How to get the planning right from the start
Much of the discussion above is about solving for issues that arise when a will has not been properly advised or drafted. But with some consideration in advance, unintended tax costs can be avoided and a testator's wishes can be fulfilled through their charitable legacy.
What you may have noticed from the rules set out above is that the US and the UK rules both have a strong preference, and sometimes a requirement, for their respective domestic charities. For a US person also treated as domiciled in the UK, a legacy to a UK charity can qualify for tax relief in both countries but additional work will be required to establish its eligibility for US estate tax purposes. For a UK domiciliary with US assets, we actually have a requirement for a US charity for US estate tax purposes but will also have a requirement for a UK charity for UK inheritance tax purposes. The only solution, therefore, is a charity that can be both.
In both cases, what will greatly simplify administrative matters and automatically provide the right tax relief is for testators in either situation to make their legacies to a dual-qualified charity. That is a charity that is considered to be both a US charity and UK charity under the respective domestic rules. The basic structure of a dual-qualified charity is a US 'parent' charity that owns the single share of a UK 'subsidiary' charity. What makes this structure work is a special tax election that allows the UK charity to be disregarded for US tax purposes. A legacy to a dual-qualified charity will then simultaneously qualify as a gift to a US charity and a gift to a UK charity.

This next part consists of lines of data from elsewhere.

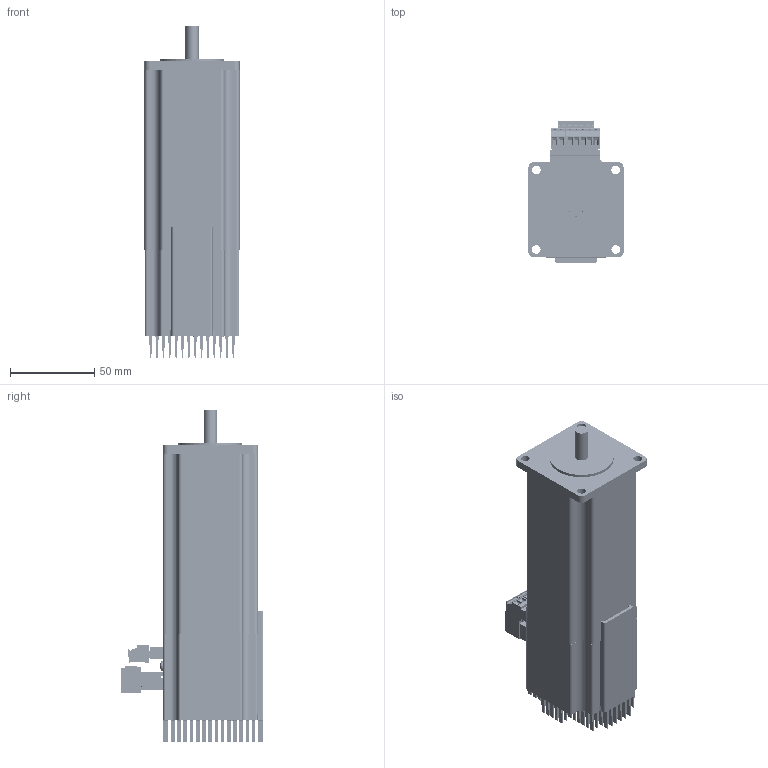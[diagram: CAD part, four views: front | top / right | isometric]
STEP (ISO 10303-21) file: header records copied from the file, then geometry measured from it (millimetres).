
FILE_DESCRIPTION(/* description */ ('Alibre Inc.'),/* implementation_level */ '2;1');
FILE_NAME(/* name */ 'export-72988631-9BF5-4904-B80F-EC9190CA57BD',/* time_stamp */ '2019-01-25T14:44:44-08:00',/* author */ (''),/* organization */ (''),/* preprocessor_version */ 'ST-DEVELOPER v17',/* originating_system */ 'Alibre',/* authorisation */ '');
FILE_SCHEMA (('AUTOMOTIVE_DESIGN'));
Length unit declared in the file: inch
Products named in the file (52): 91771A120; 91772A106
Bounding box: 56.4 x 84.65 x 196.88 mm (x, y, z)
Volume: 382039.5 mm3; surface area: 120280 mm2
Topology: 37 solids, 46 shells, 9771 faces, 27608 edges, 18030 vertices
Faces by surface type: plane 6334, cylinder 3085, cone 149, bspline 138, sphere 35, torus 30
Full cylindrical faces by diameter (mm): 0.254 x12, 0.483 x2, 0.508 x2, 0.635 x1, 1.397 x12, 1.524 x9, 1.694 x2, 2.007 x1, 2.156 x7, 2.459 x8, 2.54 x2, 2.705 x2, 2.845 x2, 3 x4, 3.175 x8, 3.556 x2, 3.571 x4, 4.089 x6, 4.216 x2, 5.1 x4, 5.182 x2, 5.563 x2, 6.35 x1, 7.925 x1, 8 x1, 38.1 x1
Entity records: 302812 total; most frequent: CARTESIAN_POINT 86435, ORIENTED_EDGE 49524, DIRECTION 35563, EDGE_CURVE 24762, VECTOR 17440, LINE 17440, VERTEX_POINT 16229, AXIS2_PLACEMENT_3D 11723

There are a number of dual-qualified charities now in existence, many of the set up and advised by Withers, with the very first one now more than 20 years old. Some dual-qualified charities are operated by specific charities, whereas others are operated as donor-advised funds, which can be utilised to support a wide range of charitable organisations. It is well worth considering whether a legacy to a dual-qualified charity is more appropriate than a legacy to either a solely US or UK charity.
Key takeaways for you, as legacy officers
- Was the deceased a US person or non-US person, as this will affect the exact rules that apply for US estate tax?
- If the deceased was a US person, are you being asked to produce a letter from the IRS when you could instead produce a letter from a friendly US lawyer that does not require the full obligations of IRS registration?
- If the deceased was not a US person, is there a treaty in place to mitigate the impact of a potential US estate tax charge?
- Many US-based advisors and executors/trustees are not familiar with these international issues, including the qualification of non-US charities and the impact of treaties. When in doubt, ask an expert!